## [ACTION ITEM]
Set down the data below in full, exactly as it reads, but without the pictures.

(DATA SUPPLIED begins)

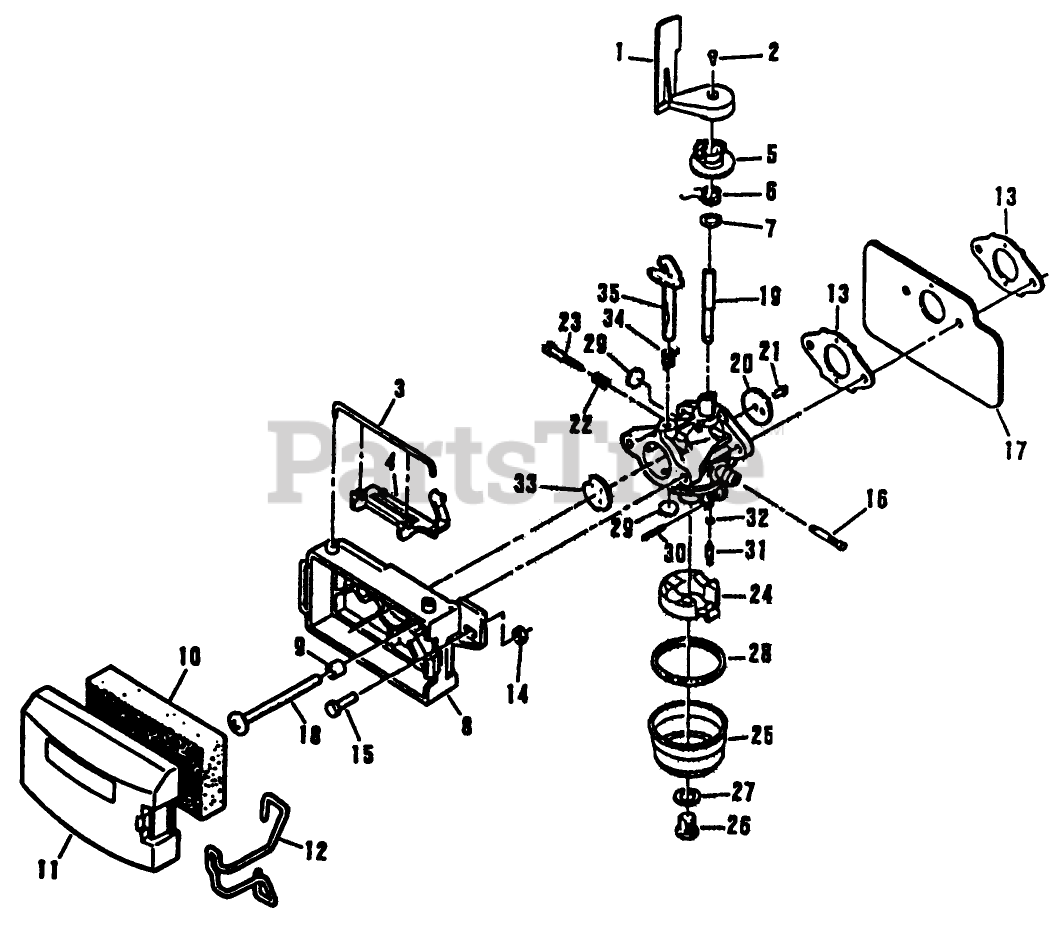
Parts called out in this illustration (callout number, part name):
1	AIR VANE F
2	SCREW F
3	RETAINER
5	COLLAR A/VAVE F
6	THROTTLE SPR E
7	WASHER VF
9	SPACER
12	RETAINER-COVER, FILTER
13	GASKET CARB S
15	SCREW
16	SCREEN FUEL PITTS
17	SHIELD, CARB F
18	SCREW
19	? Throttle Shaft
20	? Throttle Valve
21	? Screw-Throttle Valve
22	? Spring-Idle Needle
23	? Idle Needle
25	? Fuel Bowl
26	? Screw-Bowl Retainer
27	? Bowl Retainer Gasket
28	? Fuel Bowl Gasket
29	? Plug-Welch
30	? Float Shaft
31	? Inlet Needle Valve
32	? Valve Seat
33	? Choke Valve
34	? Choke Return Spring
35	? Choke Shaft
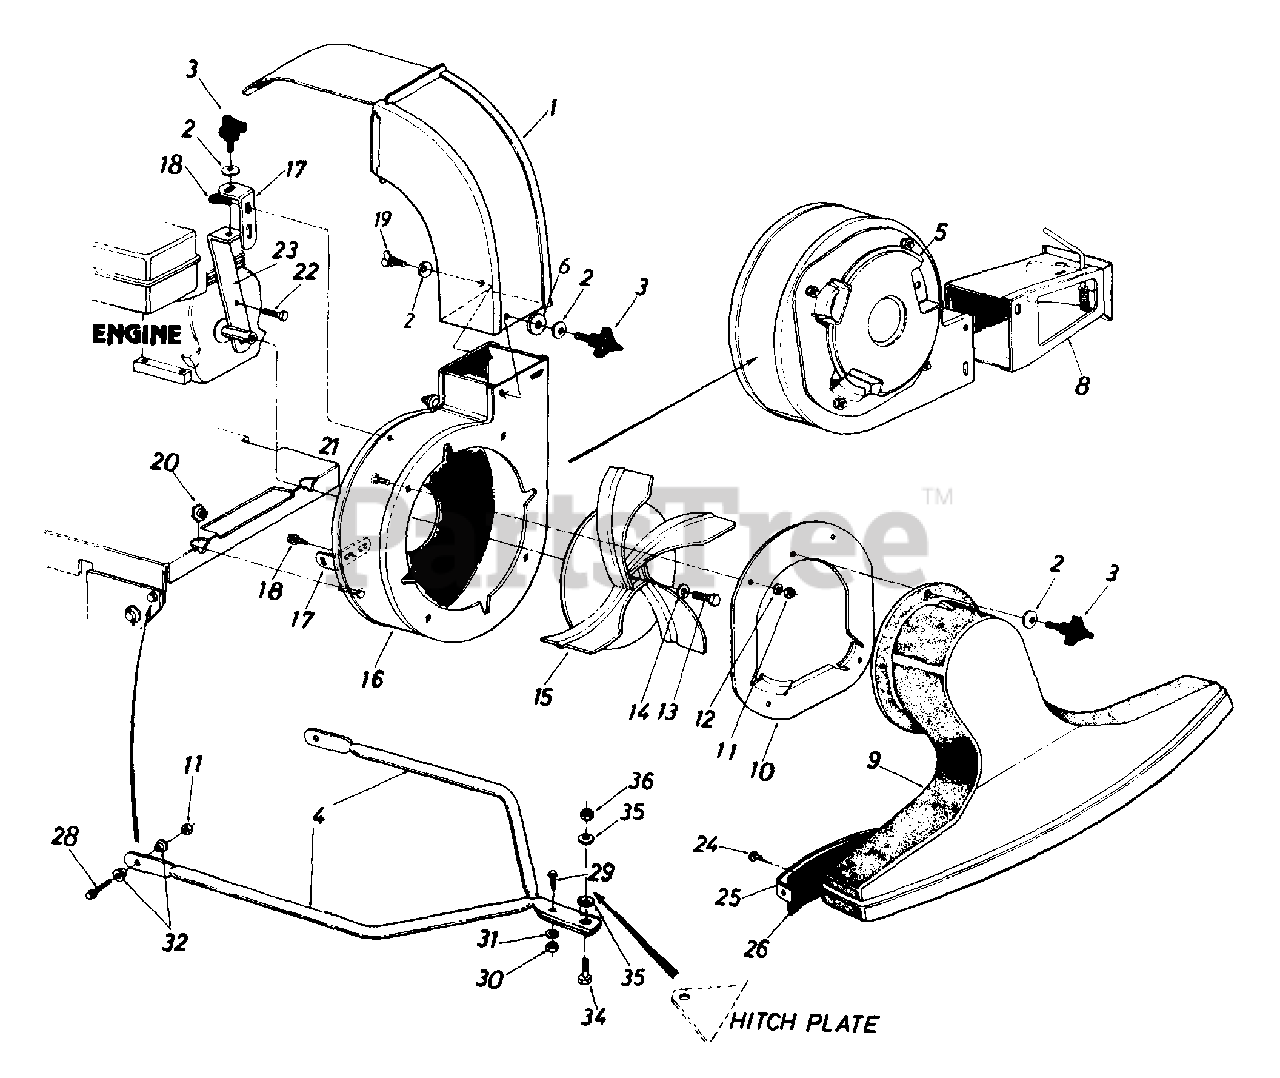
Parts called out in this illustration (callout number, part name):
3	Hand Knob
6	Fl-Wash..344" I.D. x 1.125" O.D.
10	Nozzle Plate Ass'y.
11	Hex Nut 5/16-18 Thd.
12	L-Wash. 5/16" I.D.
13	Hex Bolt 3/8-24 x 1.25" Lg.
14	L-Wash. 3/8" I.D. H.D.
15	Air Vane Plate Ass'y.
19	Thumb Screw 5/16-18
20	Hex Shoulder Nut.50 I.D.
21	Carriage Bolt 5/16-18 x .62"
22	Hex Locking 8olt 5/16-24 x .75" Lg.
28	Hex Bolt 5/16-18 x 1.00" Lg.
29	Truss Mach. Scr. 1/4-20 x .75"
30	Hex Nut 1/4-20 Thd.
31	l -Wash. 1/4" I.D.
32	Shoulder Spacer
34	Shld. Bolt .496 Dia.
35	Belleville Wash..39" I.D. x 1.12" O.D.
36	Hex Jam L-Nut 3/8-26 Thd.
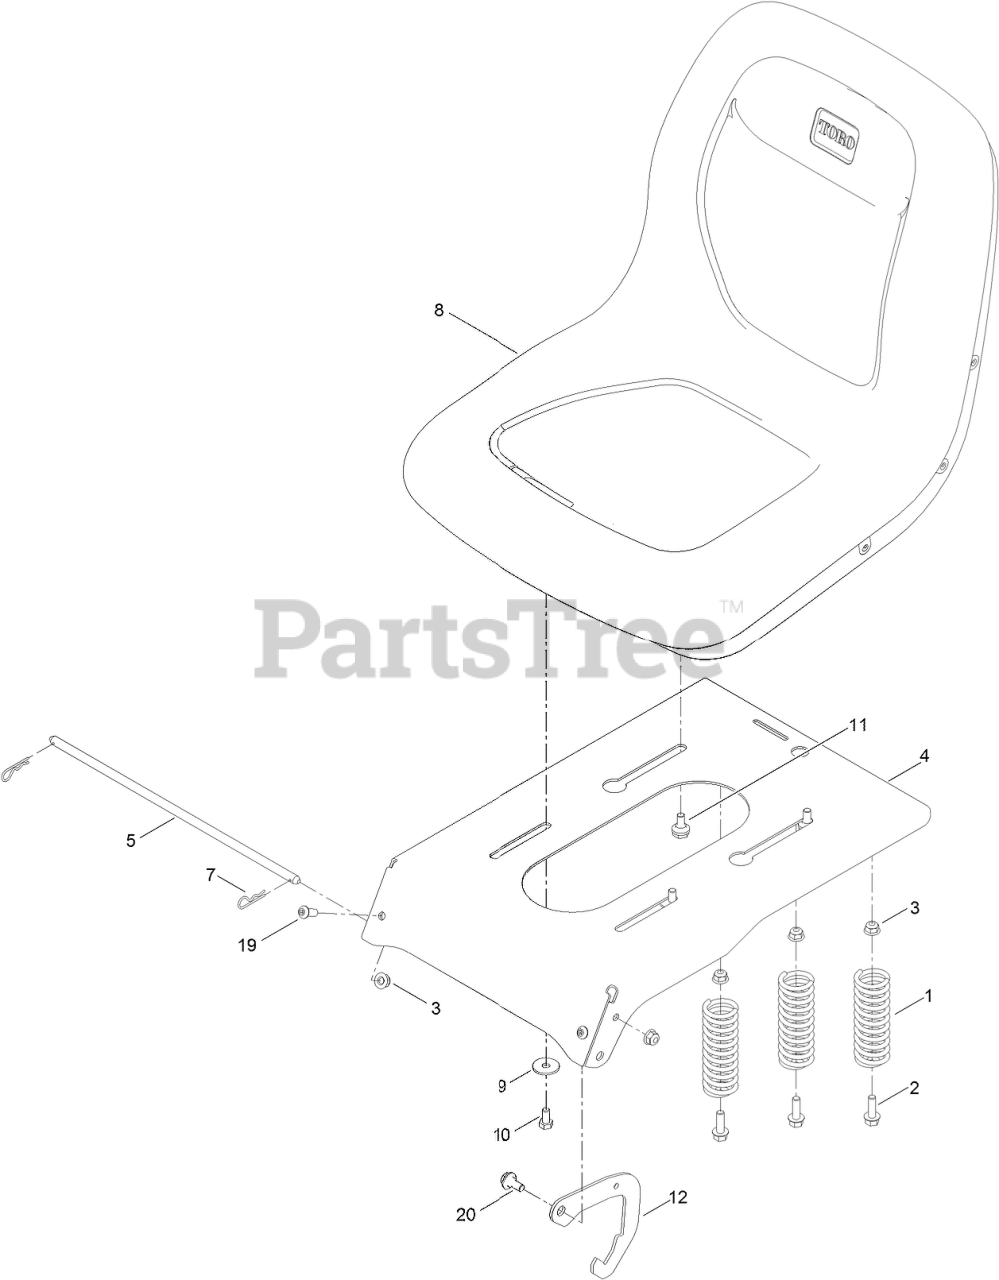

(DATA SUPPLIED ends)

## [EXERCISE OUTPUT]
Parts called out in this illustration (callout number, part name):
1	AIR VANE F
2	SCREW F
3	RETAINER
5	COLLAR A/VAVE F
6	THROTTLE SPR E
7	WASHER VF
9	SPACER
12	RETAINER-COVER, FILTER
13	GASKET CARB S
15	SCREW
16	SCREEN FUEL PITTS
17	SHIELD, CARB F
18	SCREW
19	? Throttle Shaft
20	? Throttle Valve
21	? Screw-Throttle Valve
22	? Spring-Idle Needle
23	? Idle Needle
25	? Fuel Bowl
26	? Screw-Bowl Retainer
27	? Bowl Retainer Gasket
28	? Fuel Bowl Gasket
29	? Plug-Welch
30	? Float Shaft
31	? Inlet Needle Valve
32	? Valve Seat
33	? Choke Valve
34	? Choke Return Spring
35	? Choke Shaft
Parts called out in this illustration (callout number, part name):
3	Hand Knob
6	Fl-Wash..344" I.D. x 1.125" O.D.
10	Nozzle Plate Ass'y.
11	Hex Nut 5/16-18 Thd.
12	L-Wash. 5/16" I.D.
13	Hex Bolt 3/8-24 x 1.25" Lg.
14	L-Wash. 3/8" I.D. H.D.
15	Air Vane Plate Ass'y.
19	Thumb Screw 5/16-18
20	Hex Shoulder Nut.50 I.D.
21	Carriage Bolt 5/16-18 x .62"
22	Hex Locking 8olt 5/16-24 x .75" Lg.
28	Hex Bolt 5/16-18 x 1.00" Lg.
29	Truss Mach. Scr. 1/4-20 x .75"
30	Hex Nut 1/4-20 Thd.
31	l -Wash. 1/4" I.D.
32	Shoulder Spacer
34	Shld. Bolt .496 Dia.
35	Belleville Wash..39" I.D. x 1.12" O.D.
36	Hex Jam L-Nut 3/8-26 Thd.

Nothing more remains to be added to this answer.